### [Your goal]
The finished copy should hold every entry exactly as given, and no pictures.

Stored data START

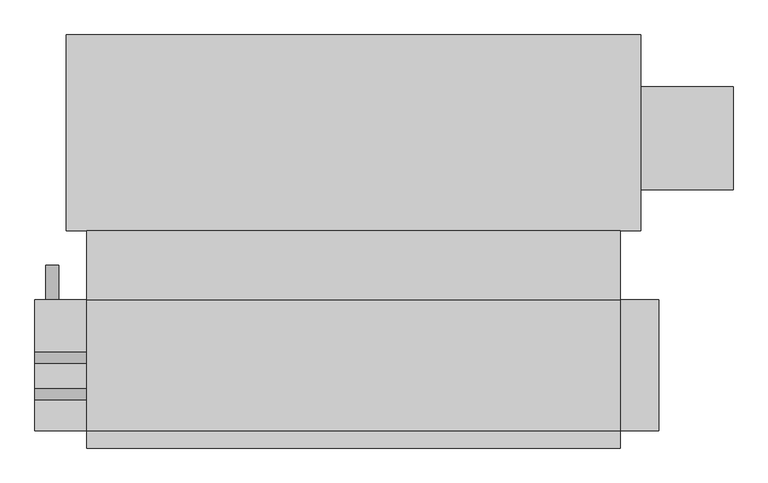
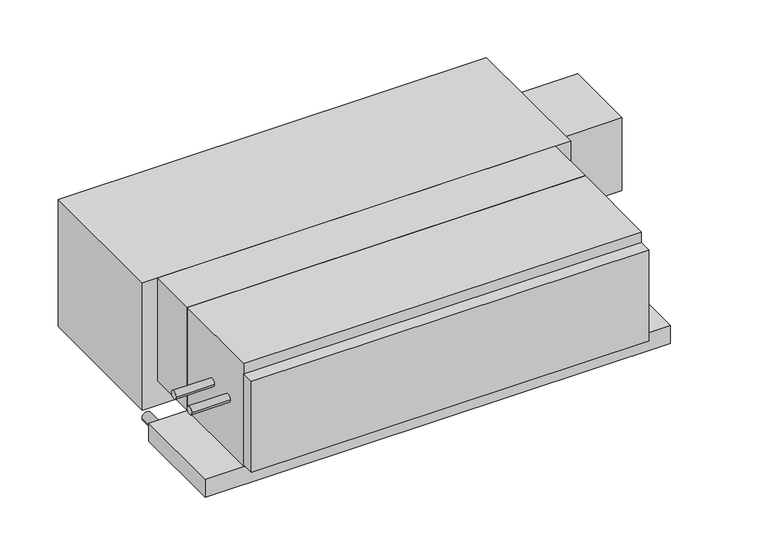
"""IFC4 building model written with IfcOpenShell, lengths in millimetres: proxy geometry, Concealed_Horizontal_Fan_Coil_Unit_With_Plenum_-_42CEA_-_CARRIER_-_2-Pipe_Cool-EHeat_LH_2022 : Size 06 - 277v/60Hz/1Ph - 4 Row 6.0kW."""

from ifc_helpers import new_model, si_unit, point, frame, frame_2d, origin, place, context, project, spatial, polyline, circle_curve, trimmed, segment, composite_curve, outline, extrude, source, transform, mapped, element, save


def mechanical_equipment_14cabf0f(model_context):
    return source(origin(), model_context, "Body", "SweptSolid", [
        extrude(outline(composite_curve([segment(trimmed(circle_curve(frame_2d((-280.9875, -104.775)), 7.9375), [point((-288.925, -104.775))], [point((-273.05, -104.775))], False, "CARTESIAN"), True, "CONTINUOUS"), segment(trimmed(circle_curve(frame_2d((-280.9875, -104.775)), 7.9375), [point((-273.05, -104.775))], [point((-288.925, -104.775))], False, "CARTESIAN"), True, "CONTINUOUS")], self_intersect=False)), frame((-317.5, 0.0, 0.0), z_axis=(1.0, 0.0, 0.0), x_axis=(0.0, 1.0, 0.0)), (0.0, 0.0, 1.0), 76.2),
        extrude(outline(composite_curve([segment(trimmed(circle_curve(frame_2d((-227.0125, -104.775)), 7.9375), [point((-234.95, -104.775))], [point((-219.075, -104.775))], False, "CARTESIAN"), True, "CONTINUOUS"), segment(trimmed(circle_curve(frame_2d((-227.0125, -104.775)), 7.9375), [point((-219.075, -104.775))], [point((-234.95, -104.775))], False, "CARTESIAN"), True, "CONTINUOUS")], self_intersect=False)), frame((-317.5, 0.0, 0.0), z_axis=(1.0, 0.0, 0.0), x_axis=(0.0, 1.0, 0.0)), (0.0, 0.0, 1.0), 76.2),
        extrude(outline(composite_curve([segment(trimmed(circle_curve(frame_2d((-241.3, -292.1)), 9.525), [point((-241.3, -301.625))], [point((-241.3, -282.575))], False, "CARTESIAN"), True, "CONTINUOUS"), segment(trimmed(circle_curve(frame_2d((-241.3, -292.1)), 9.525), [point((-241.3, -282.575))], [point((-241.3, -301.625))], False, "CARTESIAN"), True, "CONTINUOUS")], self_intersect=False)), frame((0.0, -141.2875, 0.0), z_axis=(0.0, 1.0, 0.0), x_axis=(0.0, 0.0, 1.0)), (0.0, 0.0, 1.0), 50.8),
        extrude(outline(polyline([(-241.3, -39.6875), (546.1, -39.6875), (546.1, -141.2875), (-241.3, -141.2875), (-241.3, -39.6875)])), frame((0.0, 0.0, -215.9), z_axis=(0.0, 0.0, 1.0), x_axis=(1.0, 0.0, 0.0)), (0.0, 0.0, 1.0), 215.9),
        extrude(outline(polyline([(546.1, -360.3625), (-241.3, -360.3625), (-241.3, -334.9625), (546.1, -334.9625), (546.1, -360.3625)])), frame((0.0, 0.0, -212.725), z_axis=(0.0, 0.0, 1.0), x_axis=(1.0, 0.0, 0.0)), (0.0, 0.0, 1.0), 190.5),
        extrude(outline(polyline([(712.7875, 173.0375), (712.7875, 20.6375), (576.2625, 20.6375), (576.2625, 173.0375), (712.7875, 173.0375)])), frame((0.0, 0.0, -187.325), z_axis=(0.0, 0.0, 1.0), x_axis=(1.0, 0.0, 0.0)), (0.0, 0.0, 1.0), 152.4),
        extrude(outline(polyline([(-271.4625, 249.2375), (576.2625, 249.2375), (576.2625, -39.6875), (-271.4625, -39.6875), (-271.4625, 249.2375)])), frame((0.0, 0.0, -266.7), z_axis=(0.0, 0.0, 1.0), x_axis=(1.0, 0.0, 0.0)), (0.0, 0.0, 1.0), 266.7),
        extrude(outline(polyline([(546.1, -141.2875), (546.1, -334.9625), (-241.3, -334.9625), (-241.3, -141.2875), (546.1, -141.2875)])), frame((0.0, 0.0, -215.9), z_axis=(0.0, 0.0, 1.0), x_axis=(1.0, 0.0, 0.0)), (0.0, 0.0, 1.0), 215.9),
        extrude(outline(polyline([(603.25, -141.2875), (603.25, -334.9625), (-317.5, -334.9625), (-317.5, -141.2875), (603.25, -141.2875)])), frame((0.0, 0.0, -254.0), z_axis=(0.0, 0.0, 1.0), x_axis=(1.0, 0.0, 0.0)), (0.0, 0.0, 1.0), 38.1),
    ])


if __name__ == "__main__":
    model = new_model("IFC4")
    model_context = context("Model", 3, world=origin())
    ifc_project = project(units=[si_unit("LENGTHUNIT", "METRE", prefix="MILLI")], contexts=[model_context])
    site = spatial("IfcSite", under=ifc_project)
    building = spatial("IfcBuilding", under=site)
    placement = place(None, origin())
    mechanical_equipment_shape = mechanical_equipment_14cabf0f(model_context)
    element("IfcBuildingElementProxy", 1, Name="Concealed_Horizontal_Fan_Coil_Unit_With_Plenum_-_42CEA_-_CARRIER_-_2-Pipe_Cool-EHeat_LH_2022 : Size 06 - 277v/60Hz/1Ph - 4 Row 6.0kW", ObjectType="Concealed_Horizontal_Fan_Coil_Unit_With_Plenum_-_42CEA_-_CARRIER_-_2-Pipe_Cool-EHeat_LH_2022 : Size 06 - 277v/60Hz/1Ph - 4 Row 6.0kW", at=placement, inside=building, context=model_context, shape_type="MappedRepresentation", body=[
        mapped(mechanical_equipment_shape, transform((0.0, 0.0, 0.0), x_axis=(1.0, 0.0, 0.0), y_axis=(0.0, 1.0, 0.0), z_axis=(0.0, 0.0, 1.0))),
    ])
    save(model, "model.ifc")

Stored data END

### [Result of the task]
"""IFC4 building model written with IfcOpenShell, lengths in millimetres: proxy geometry, Concealed_Horizontal_Fan_Coil_Unit_With_Plenum_-_42CEA_-_CARRIER_-_2-Pipe_Cool-EHeat_LH_2022 : Size 06 - 277v/60Hz/1Ph - 4 Row 6.0kW."""

from ifc_helpers import new_model, si_unit, point, frame, frame_2d, origin, place, context, project, spatial, polyline, circle_curve, trimmed, segment, composite_curve, outline, extrude, source, transform, mapped, element, save


def mechanical_equipment_14cabf0f(model_context):
    return source(origin(), model_context, "Body", "SweptSolid", [
        extrude(outline(composite_curve([segment(trimmed(circle_curve(frame_2d((-280.9875, -104.775)), 7.9375), [point((-288.925, -104.775))], [point((-273.05, -104.775))], False, "CARTESIAN"), True, "CONTINUOUS"), segment(trimmed(circle_curve(frame_2d((-280.9875, -104.775)), 7.9375), [point((-273.05, -104.775))], [point((-288.925, -104.775))], False, "CARTESIAN"), True, "CONTINUOUS")], self_intersect=False)), frame((-317.5, 0.0, 0.0), z_axis=(1.0, 0.0, 0.0), x_axis=(0.0, 1.0, 0.0)), (0.0, 0.0, 1.0), 76.2),
        extrude(outline(composite_curve([segment(trimmed(circle_curve(frame_2d((-227.0125, -104.775)), 7.9375), [point((-234.95, -104.775))], [point((-219.075, -104.775))], False, "CARTESIAN"), True, "CONTINUOUS"), segment(trimmed(circle_curve(frame_2d((-227.0125, -104.775)), 7.9375), [point((-219.075, -104.775))], [point((-234.95, -104.775))], False, "CARTESIAN"), True, "CONTINUOUS")], self_intersect=False)), frame((-317.5, 0.0, 0.0), z_axis=(1.0, 0.0, 0.0), x_axis=(0.0, 1.0, 0.0)), (0.0, 0.0, 1.0), 76.2),
        extrude(outline(composite_curve([segment(trimmed(circle_curve(frame_2d((-241.3, -292.1)), 9.525), [point((-241.3, -301.625))], [point((-241.3, -282.575))], False, "CARTESIAN"), True, "CONTINUOUS"), segment(trimmed(circle_curve(frame_2d((-241.3, -292.1)), 9.525), [point((-241.3, -282.575))], [point((-241.3, -301.625))], False, "CARTESIAN"), True, "CONTINUOUS")], self_intersect=False)), frame((0.0, -141.2875, 0.0), z_axis=(0.0, 1.0, 0.0), x_axis=(0.0, 0.0, 1.0)), (0.0, 0.0, 1.0), 50.8),
        extrude(outline(polyline([(-241.3, -39.6875), (546.1, -39.6875), (546.1, -141.2875), (-241.3, -141.2875), (-241.3, -39.6875)])), frame((0.0, 0.0, -215.9), z_axis=(0.0, 0.0, 1.0), x_axis=(1.0, 0.0, 0.0)), (0.0, 0.0, 1.0), 215.9),
        extrude(outline(polyline([(546.1, -360.3625), (-241.3, -360.3625), (-241.3, -334.9625), (546.1, -334.9625), (546.1, -360.3625)])), frame((0.0, 0.0, -212.725), z_axis=(0.0, 0.0, 1.0), x_axis=(1.0, 0.0, 0.0)), (0.0, 0.0, 1.0), 190.5),
        extrude(outline(polyline([(712.7875, 173.0375), (712.7875, 20.6375), (576.2625, 20.6375), (576.2625, 173.0375), (712.7875, 173.0375)])), frame((0.0, 0.0, -187.325), z_axis=(0.0, 0.0, 1.0), x_axis=(1.0, 0.0, 0.0)), (0.0, 0.0, 1.0), 152.4),
        extrude(outline(polyline([(-271.4625, 249.2375), (576.2625, 249.2375), (576.2625, -39.6875), (-271.4625, -39.6875), (-271.4625, 249.2375)])), frame((0.0, 0.0, -266.7), z_axis=(0.0, 0.0, 1.0), x_axis=(1.0, 0.0, 0.0)), (0.0, 0.0, 1.0), 266.7),
        extrude(outline(polyline([(546.1, -141.2875), (546.1, -334.9625), (-241.3, -334.9625), (-241.3, -141.2875), (546.1, -141.2875)])), frame((0.0, 0.0, -215.9), z_axis=(0.0, 0.0, 1.0), x_axis=(1.0, 0.0, 0.0)), (0.0, 0.0, 1.0), 215.9),
        extrude(outline(polyline([(603.25, -141.2875), (603.25, -334.9625), (-317.5, -334.9625), (-317.5, -141.2875), (603.25, -141.2875)])), frame((0.0, 0.0, -254.0), z_axis=(0.0, 0.0, 1.0), x_axis=(1.0, 0.0, 0.0)), (0.0, 0.0, 1.0), 38.1),
    ])


if __name__ == "__main__":
    model = new_model("IFC4")
    model_context = context("Model", 3, world=origin())
    ifc_project = project(units=[si_unit("LENGTHUNIT", "METRE", prefix="MILLI")], contexts=[model_context])
    site = spatial("IfcSite", under=ifc_project)
    building = spatial("IfcBuilding", under=site)
    placement = place(None, origin())
    mechanical_equipment_shape = mechanical_equipment_14cabf0f(model_context)
    element("IfcBuildingElementProxy", 1, Name="Concealed_Horizontal_Fan_Coil_Unit_With_Plenum_-_42CEA_-_CARRIER_-_2-Pipe_Cool-EHeat_LH_2022 : Size 06 - 277v/60Hz/1Ph - 4 Row 6.0kW", ObjectType="Concealed_Horizontal_Fan_Coil_Unit_With_Plenum_-_42CEA_-_CARRIER_-_2-Pipe_Cool-EHeat_LH_2022 : Size 06 - 277v/60Hz/1Ph - 4 Row 6.0kW", at=placement, inside=building, context=model_context, shape_type="MappedRepresentation", body=[
        mapped(mechanical_equipment_shape, transform((0.0, 0.0, 0.0), x_axis=(1.0, 0.0, 0.0), y_axis=(0.0, 1.0, 0.0), z_axis=(0.0, 0.0, 1.0))),
    ])
    save(model, "model.ifc")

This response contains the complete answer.